Chung Ju Yung, South Korea's leading entrepreneur, chairman of the Hyundai Group and of the Federation of Korean Industries, is even more optimistic.

"Last year things were so uncertain no one wanted to invest," he said in a recent interview in his 14th-floor office near the state capitol and Kyungbok Palace. "This year, everyone wants the economy to grow -- the government, the public, businessmen themselves. Even without any special policy of stimulating growth, so long as we have social and political stability we are bound to have growth. I think that 7 or 8 percent is not at all unreasonable."

Which of these predictions and assumptions will prove true?

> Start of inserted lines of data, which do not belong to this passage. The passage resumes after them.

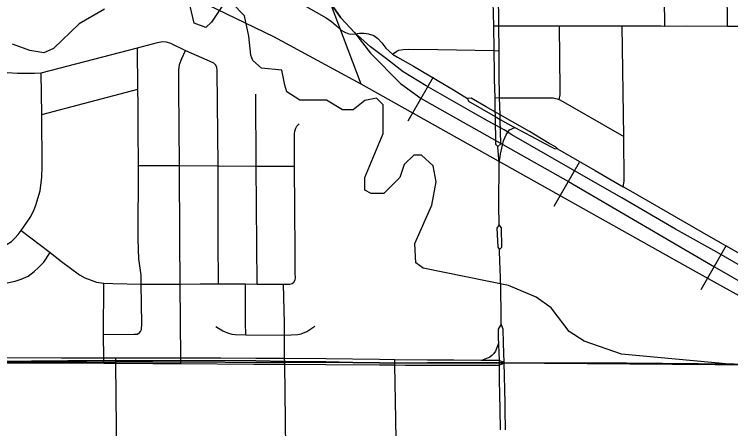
# Model space of a CAD drawing. Extents: x -1403959 to 81668, y -1400582 to 11018.
# Drawn here: x 6538.1 to 6640.6, y 8321.9 to 8381.2 of the extents above; entities that cross this region are included whole.
import ezdxf

# ---------------------------------------------------------------- set-up
doc = ezdxf.new("R2010")
doc.units = 0
for name, color, linetype in [('tdCiRRCL', 7, 'Continuous'), ('tdCiSectNmbr', 7, 'Continuous'), ('tdCiSectTwpRng', 7, 'Continuous'), ('tdCoClipBndry', 7, 'Continuous'), ('tdCoSecRteBand', 7, 'Continuous'), ('tdCoSurfBitum', 7, 'Continuous')]:
    doc.layers.add(name, color=color, linetype=linetype)

msp = doc.modelspace()

# ---------------------------------------------------------------- linework, layer by layer
at = {"layer": 'tdCiRRCL'}
for points in [[(6535.4, 8331.54), (6550.93, 8331.65), (6552.63, 8331.64), (6557.96, 8331.62), (6561.96, 8331.65), (6572.68, 8331.61), (6576.81, 8331.54), (6582.69, 8331.47), (6586.58, 8331.37), (6590.39, 8331.31), (6592.56, 8331.28), (6597.25, 8331.31), (6600.21, 8331.31), (6603.13, 8331.32), (6607.86, 8331.31), (6668.89, 8330.85), (6670.67, 8329.69), (6671.43, 8329.12), (6672.6, 8328.21), (6689.43, 8314.1)], [(6689.43, 8314.1), (6672.6, 8328.21), (6671.43, 8329.12), (6670.67, 8329.69), (6668.89, 8330.85), (6607.86, 8331.31), (6603.13, 8331.32), (6600.21, 8331.31), (6597.25, 8331.31), (6592.56, 8331.28), (6590.39, 8331.31), (6586.58, 8331.37), (6582.69, 8331.47), (6576.81, 8331.54), (6572.68, 8331.61), (6561.96, 8331.65), (6557.96, 8331.62), (6552.63, 8331.64), (6550.93, 8331.65), (6535.4, 8331.54)]]:
    msp.add_lwpolyline(points, dxfattribs=at)
at = {"layer": 'tdCiSectNmbr'}
for points in [[(6558.41, 8393.39), (6558.47, 8393.38), (6560.91, 8392.57), (6561.91, 8392.17), (6563.61, 8391.43), (6566.16, 8390.17), (6568.67, 8388.7), (6570.78, 8387.5), (6575.49, 8384.83), (6576.86, 8384.04), (6581.33, 8381.45), (6582.73, 8380.66), (6583.49, 8380.11), (6584.24, 8379.5), (6584.88, 8378.91), (6585.4, 8378.61), (6585.87, 8378.39), (6586.28, 8378.32), (6586.89, 8378.37), (6587.52, 8378.46), (6587.67, 8378.46)], [(6606.61, 8382.94), (6606.64, 8381.22), (6606.67, 8379.52), (6606.74, 8375.96), (6606.79, 8372.74)], [(6607.46, 8379.53), (6607.45, 8380.96), (6607.41, 8382.95)], [(6607.48, 8375.99), (6607.46, 8379.52), (6607.46, 8379.53)], [(6587.67, 8378.46), (6588.14, 8378.48), (6588.82, 8378.38), (6589.55, 8378.11), (6590.13, 8377.72), (6590.7, 8377.09), (6591.3, 8376.33), (6592.25, 8375.46), (6592.96, 8375.05), (6595.22, 8373.73), (6600.97, 8370.35), (6602.97, 8369.14)], [(6607.5, 8372.75), (6607.48, 8375.95), (6607.48, 8375.99)], [(6606.79, 8372.74), (6606.81, 8371.82), (6606.86, 8369.24), (6606.9, 8367.21), (6606.91, 8366.73)], [(6607.63, 8366.75), (6607.63, 8366.8), (6607.57, 8369.23), (6607.5, 8372.7), (6607.5, 8372.75)], [(6605.65, 8367.92), (6603.49, 8369.15), (6602.97, 8369.14)], [(6602.97, 8369.14), (6603.11, 8368.72), (6606.92, 8366.55), (6607.64, 8366.14)], [(6607.63, 8366.8), (6606.9, 8367.21), (6605.65, 8367.92)], [(6606.91, 8366.73), (6606.92, 8366.55), (6607, 8362.61), (6607.31, 8362.24)], [(6607.31, 8362.24), (6607.72, 8362.64), (6607.64, 8366.14), (6607.63, 8366.75)], [(6615.86, 8361.91), (6615.56, 8362.23), (6614.68, 8362.71), (6611.84, 8364.4), (6607.63, 8366.8)], [(6607.64, 8366.14), (6608.76, 8365.5), (6609.73, 8364.98), (6613.53, 8362.96)], [(6607.71, 8361.17), (6607.78, 8361.61), (6608.14, 8363.07), (6608.52, 8363.92), (6608.97, 8364.62), (6609.73, 8364.98)], [(6613.53, 8362.96), (6613.57, 8362.94)], [(6613.57, 8362.94), (6615.42, 8361.95), (6615.86, 8361.91)], [(6607.5, 8351.08), (6607.45, 8353.88), (6607.48, 8359.88), (6607.31, 8362.24)], [(6615.86, 8361.91), (6621.23, 8358.81), (6625.26, 8356.49), (6625.27, 8356.49)], [(6607.48, 8359.88), (6607.71, 8361.17)], [(6625.27, 8356.49), (6629.12, 8354.3), (6637.78, 8349.32), (6641.66, 8347.12), (6646.61, 8344.25), (6648.21, 8343.37)], [(6607.5, 8351.08), (6607.19, 8350.56), (6607.29, 8347.87), (6607.57, 8347.53)], [(6607.57, 8347.53), (6607.86, 8347.88), (6607.83, 8350.62), (6607.5, 8351.08)], [(6607.57, 8347.53), (6607.57, 8347.53)], [(6607.62, 8345.67), (6607.57, 8347.53)], [(6607.64, 8344.92), (6607.62, 8345.67)], [(6607.72, 8341.88), (6607.64, 8344.92)], [(6607.78, 8337.64), (6607.78, 8339.64), (6607.76, 8340.52), (6607.72, 8341.88)], [(6607.78, 8336.85), (6607.37, 8336.14), (6607.37, 8334.74), (6607.4, 8334.16), (6607.41, 8333.93), (6607.5, 8331.66), (6607.52, 8331.33)], [(6607.78, 8336.85), (6607.78, 8337.64)], [(6608.14, 8334.14), (6608.07, 8336.13), (6607.78, 8336.85)], [(6607.4, 8334.16), (6606.98, 8333), (6606.74, 8332.65), (6606.47, 8332.36), (6606.15, 8332.16), (6604.98, 8331.68)], [(6608.23, 8331.36), (6608.14, 8334.14)], [(6552.63, 8332.01), (6552.63, 8332.01), (6550.92, 8332.01), (6544.88, 8332), (6535.4, 8332.05)], [(6557.96, 8332.01), (6552.63, 8332.01)], [(6561.96, 8332.02), (6561.95, 8332.02), (6557.96, 8332.01)], [(6572.68, 8331.97), (6567.66, 8332.02), (6561.96, 8332.02)], [(6576.81, 8331.93), (6576.8, 8331.93), (6572.68, 8331.97)], [(6582.7, 8331.88), (6576.81, 8331.93)], [(6577.34, 8292.48), (6577.19, 8302.99), (6576.82, 8331.12), (6576.81, 8331.53)], [(6590.39, 8331.8), (6582.7, 8331.88)], [(6592.57, 8331.78), (6592.55, 8331.78), (6590.39, 8331.8)], [(6597.26, 8331.73), (6592.57, 8331.78)], [(6601.02, 8331.7), (6600.59, 8331.71), (6599.31, 8331.71), (6597.26, 8331.73)], [(6608.23, 8331.36), (6607.5, 8331.66), (6606.23, 8331.67), (6604.98, 8331.68), (6604.93, 8331.68), (6601.02, 8331.7)], [(6535.4, 8331.32), (6549.55, 8331.31), (6550.93, 8331.3), (6552.63, 8331.29)], [(6552.63, 8331.29), (6552.63, 8331.29), (6557.95, 8331.25)], [(6557.95, 8331.25), (6561.95, 8331.22)], [(6561.95, 8331.22), (6561.97, 8331.22), (6572.4, 8331.14), (6572.67, 8331.14)], [(6572.67, 8331.14), (6576.81, 8331.12)], [(6576.81, 8331.12), (6576.82, 8331.12), (6582.69, 8331.08)], [(6582.69, 8331.08), (6590.39, 8331.04)], [(6590.39, 8331.04), (6592.57, 8331.03), (6594.11, 8331.02), (6597.25, 8331.02)], [(6597.25, 8331.02), (6601.02, 8331.02)], [(6601.02, 8331.02), (6601.91, 8331.02)], [(6601.91, 8331.02), (6606.25, 8331.02), (6607.5, 8331)], [(6607.52, 8331.31), (6607.5, 8331), (6607.52, 8328.88), (6607.6, 8324.67)], [(6607.5, 8331), (6607.91, 8331.2)], [(6607.52, 8331.33), (6607.52, 8331.31)], [(6608.35, 8324.68), (6608.34, 8325.55), (6608.23, 8331.36)], [(6607.6, 8324.67), (6607.65, 8321.76)], [(6608.4, 8321.77), (6608.35, 8324.68)]]:
    msp.add_lwpolyline(points, dxfattribs=at)
at = {"layer": 'tdCiSectTwpRng'}
for points in [[(6631.21, 8379.48), (6631.06, 8391.44), (6631.08, 8395.48), (6630.93, 8403.43), (6630.79, 8410.1), (6630.69, 8427.08), (6630.69, 8427.51)], [(6640.18, 8379.47), (6640.05, 8395.46), (6639.95, 8403.41), (6639.87, 8410.05), (6639.72, 8422.1), (6639.77, 8422.31), (6639.94, 8422.47)], [(6510.52, 8386.6), (6510.94, 8386.64), (6511.35, 8386.68), (6512.18, 8386.66), (6513, 8386.5), (6513.74, 8386.17), (6514.5, 8385.73), (6515.16, 8385.3), (6520.94, 8381.56), (6526.86, 8377.81), (6530.1, 8375.71), (6531.2, 8375.05), (6532.84, 8374.21), (6533.84, 8373.77), (6534.59, 8373.47), (6535.22, 8373.23), (6536.36, 8372.95), (6537.12, 8372.82), (6538.6, 8372.76), (6539.97, 8372.72), (6541, 8372.72), (6541.96, 8372.8), (6555.77, 8376.36)], [(6606.69, 8379.52), (6607.08, 8379.52), (6607.46, 8379.52), (6616.15, 8379.52), (6625.11, 8379.53), (6629.2, 8379.49), (6630.69, 8379.49), (6631.21, 8379.48), (6634.24, 8379.49), (6640.18, 8379.47), (6641.51, 8379.47), (6643.95, 8379.48), (6646.15, 8379.46), (6649.36, 8379.46), (6652.3, 8379.45), (6653.97, 8379.43), (6662.09, 8379.42)], [(6616.11, 8368.97), (6616.21, 8369.65), (6616.24, 8370.42), (6616.15, 8379.52)], [(6625.26, 8356.49), (6625.38, 8357.28), (6625.34, 8363.68), (6625.11, 8379.53)], [(6555.77, 8376.36), (6558.6, 8377.13), (6559.32, 8377.26), (6559.87, 8377.24), (6560.48, 8377.03), (6562.63, 8375.98), (6565.68, 8374.63), (6566.61, 8374.23), (6566.96, 8373.91)], [(6555.98, 8335.59), (6556.18, 8335.81), (6556.33, 8336.1), (6556.36, 8336.92), (6556.27, 8342.6), (6556.29, 8343.87), (6555.95, 8346.2), (6555.86, 8349), (6555.89, 8359.56), (6555.83, 8364.67), (6555.83, 8368.3), (6555.81, 8370.44), (6555.77, 8376.36)], [(6561.87, 8342.58), (6561.8, 8349.02), (6561.74, 8359.54), (6561.68, 8370.58), (6561.66, 8372.18), (6561.68, 8373.17), (6561.78, 8373.97), (6562.08, 8374.86), (6562.63, 8375.98)], [(6592.25, 8375.46), (6592.84, 8375.88), (6593.15, 8376.05), (6593.78, 8376.14), (6594.52, 8376.15), (6598.71, 8376.11), (6606.74, 8375.96), (6607.46, 8375.95)], [(6567.36, 8342.61), (6567.28, 8348.84), (6567.28, 8359.5), (6567.13, 8373.09), (6567.09, 8373.54), (6566.96, 8373.91)], [(6539.09, 8350.24), (6539.78, 8351.19), (6540.47, 8352.27), (6540.94, 8353.25), (6541.22, 8353.89), (6541.84, 8355.94), (6542.08, 8357.87), (6542.09, 8359.4), (6542.04, 8366.82), (6541.96, 8372.8)], [(6542.04, 8366.82), (6555.81, 8370.44)], [(6572.85, 8342.6), (6572.72, 8359.47), (6572.69, 8369.73)], [(6606.86, 8369.24), (6607.57, 8369.23), (6615.25, 8369.21), (6615.82, 8369.09), (6616.11, 8368.97), (6616.95, 8368.51), (6625.34, 8363.68)], [(6576.66, 8342.56), (6577.53, 8342.56), (6577.88, 8342.67), (6578.14, 8342.88), (6578.3, 8343.19), (6578.35, 8343.47), (6578.33, 8344.13), (6578.31, 8347.26), (6578.2, 8359.46), (6578.21, 8364.06), (6578.27, 8364.47), (6578.41, 8364.87), (6578.57, 8365.15), (6578.86, 8365.48)], [(6555.89, 8359.56), (6561.74, 8359.54), (6567.28, 8359.5), (6572.72, 8359.47), (6578.2, 8359.46)], [(6529.38, 8347.02), (6530.22, 8347.32), (6530.86, 8347.46), (6531.57, 8347.59), (6532.25, 8347.66), (6532.91, 8347.69), (6533.63, 8347.7), (6534.46, 8347.69), (6535.09, 8347.73), (6535.74, 8347.82), (6536.37, 8347.97), (6537.08, 8348.3), (6537.71, 8348.7), (6538.21, 8349.14), (6538.66, 8349.69), (6539.09, 8350.24)], [(6539.09, 8350.24), (6543.26, 8347.09), (6544.86, 8345.8), (6547.45, 8343.91), (6548.23, 8343.46), (6549.11, 8343.13), (6549.87, 8342.87), (6550.92, 8342.71), (6552.24, 8342.65), (6556.27, 8342.6)], [(6529.38, 8347.02), (6530.38, 8344.6), (6530.73, 8343.87), (6531.1, 8343.43), (6531.47, 8343.09), (6531.89, 8342.83), (6532.37, 8342.68), (6532.87, 8342.6), (6535.9, 8342.62), (6536.62, 8342.68), (6537.11, 8342.75), (6538.26, 8343.01), (6539.12, 8343.3), (6540.1, 8343.74), (6540.97, 8344.39), (6541.58, 8344.98), (6542.34, 8345.74), (6543.26, 8347.09)], [(6550.93, 8331.65), (6550.92, 8332.01), (6550.89, 8335.38), (6550.92, 8342.71)], [(6556.27, 8342.6), (6561.87, 8342.58), (6564.71, 8342.61), (6567.36, 8342.61), (6571.2, 8342.61), (6572.85, 8342.6), (6576.66, 8342.56)], [(6561.96, 8331.65), (6561.95, 8332.02), (6561.87, 8342.58)], [(6571.24, 8335.31), (6571.22, 8337.07), (6571.2, 8342.61)], [(6576.81, 8331.53), (6576.8, 8331.93), (6576.77, 8333.92), (6576.79, 8335.29), (6576.8, 8337.01), (6576.66, 8342.56)], [(6566.95, 8336.54), (6567.94, 8335.91), (6568.61, 8335.61), (6569.26, 8335.42), (6569.71, 8335.36), (6571.24, 8335.31), (6576.79, 8335.29), (6578.71, 8335.39), (6579.17, 8335.48), (6579.98, 8335.8), (6581.12, 8336.58)], [(6550.89, 8335.38), (6555.25, 8335.41), (6555.69, 8335.43)], [(6555.69, 8335.43), (6555.7, 8335.43), (6555.96, 8335.57)], [(6555.96, 8335.57), (6555.98, 8335.59)], [(6550.93, 8331.3), (6550.93, 8331.65)], [(6552.63, 8331.64), (6552.63, 8332.01)], [(6552.63, 8331.63), (6552.63, 8331.64)], [(6553.04, 8302.72), (6552.88, 8308.23), (6552.63, 8331.29), (6552.63, 8331.63)], [(6561.97, 8331.22), (6561.96, 8331.65)], [(6592.56, 8331.3), (6592.55, 8331.78)], [(6592.55, 8331.78), (6592.55, 8331.78)], [(6592.73, 8323.24), (6592.57, 8331.03), (6592.56, 8331.28), (6592.56, 8331.3)], [(6607.91, 8331.2), (6608.23, 8331.36)], [(6608.23, 8331.36), (6608.26, 8331.36)], [(6592.94, 8308.56), (6592.73, 8323.24)]]:
    msp.add_lwpolyline(points, dxfattribs=at)
at = {"layer": 'tdCoClipBndry'}
msp.add_lwpolyline([(6334.94, 8332.05), (6413.71, 8331.97), (6431.6, 8331.9), (6510.64, 8331.81), (6528.65, 8331.5), (6607.82, 8331.31), (6625.71, 8331.32), (6671.95, 8330.91), (6696.06, 8304.77)], dxfattribs=at)
at = {"layer": 'tdCoSecRteBand'}
for p, q in [((6594.48, 8365.94), (6598.1, 8372.23)), ((6635.31, 8344.51), (6587.77, 8371.17)), ((6615.39, 8353.73), (6619, 8360.02)), ((6636.43, 8341.83), (6640.02, 8348.13))]:
    msp.add_line(p, q, dxfattribs=at)
for points in [[(6587.77, 8371.17), (6582.17, 8385.92), (6573.38, 8401.21), (6567.91, 8408.71), (6542.97, 8447.11)], [(6587.77, 8371.17), (6575.27, 8377.96), (6564.4, 8383.23), (6534.25, 8396.49), (6519.32, 8401.68), (6509.55, 8403.54), (6432.06, 8404.35)], [(6646.42, 8342.69), (6638.64, 8347.13), (6632.74, 8350.45), (6625.07, 8354.92), (6619.96, 8357.82), (6609.32, 8363.92), (6608.2, 8364.63), (6607.06, 8365.24), (6605.92, 8365.86), (6603.71, 8367.12), (6597.07, 8370.94), (6593.78, 8372.94), (6591.38, 8374.77), (6589.1, 8376.53), (6586.8, 8378.57), (6584.86, 8380.66), (6583.41, 8382.72)], [(6583.41, 8382.72), (6584.86, 8380.66), (6586.8, 8378.57), (6589.11, 8375.59), (6593.38, 8371.28), (6596.35, 8369.13), (6617.4, 8357.27), (6638.3, 8345.06), (6659.27, 8333.06)], [(6668.47, 8326.2), (6663.95, 8328.67), (6635.31, 8344.51)]]:
    msp.add_lwpolyline(points, dxfattribs=at)
at = {"layer": 'tdCoSurfBitum'}
for points in [[(6655.41, 8329.76), (6625.02, 8332.58), (6619.68, 8334.42), (6617.54, 8335.8), (6614.95, 8339.17), (6612.82, 8340.7), (6608.85, 8342.39), (6596.64, 8344.86), (6595.57, 8345.62), (6595.43, 8348.37), (6597.88, 8353.86), (6598.5, 8357.22), (6598.04, 8359.51), (6596.37, 8361.04), (6595.3, 8361.04), (6593.92, 8359.67), (6593.31, 8357.84), (6591.01, 8355.56), (6589.18, 8355.56), (6588.26, 8356.02), (6588.27, 8357.85), (6590.88, 8364.11), (6590.88, 8368.23), (6589.97, 8369.15), (6588.29, 8368.85), (6586.61, 8367.48), (6585.08, 8367.48), (6582.79, 8368.86), (6578.97, 8368.87), (6577.14, 8370.09), (6576.84, 8371.01), (6576.39, 8373.15), (6573.48, 8373.46), (6572.26, 8374.53), (6571.96, 8375.3), (6571.66, 8378.04), (6571.06, 8380.95), (6569.23, 8382.78)], [(6551.05, 8381.91), (6547.38, 8379.78), (6543.71, 8376.27), (6542.33, 8375.67), (6540.35, 8375.98), (6537.84, 8376.9)], [(6567.85, 8382.33), (6566.32, 8380.04), (6565.55, 8379.28), (6563.88, 8379.89), (6563.27, 8382.34)]]:
    msp.add_lwpolyline(points, dxfattribs=at)

doc.saveas('drawing.dxf')

Foreign observers are cautious, seeing the problems that lie ahead both for the international economy and the Korean. But they know this nation of 38 million has shown great resiliency in the past. The level of education is high, the work force skilled and well motivated, despite what one prominent thinker calls the "revolution of rising frustrations."

If, for whatever reason, there is renewed political instability, if inflation gets out of hand and a new wage spiral begins or is violently demanded, then all predictions of economic recovery are invalid.

But most South Koreans know that they live pretty close to the margin, as it is. They may not all be enamored of PResident Chun or of the way he acieved power, but neither can they forget that North Korean troops and tanks are poised on their side of the demilitarized zone.

Despite the complaints and confrontations of the past, there is still time for military and civil officials, businessmen and workers alike, to come to a solid understanding that they must work together to build the better Korean they all want. If they do, the 1980s could see a second economic miracle no less impressive than that of the booming '60s and nearly '70s.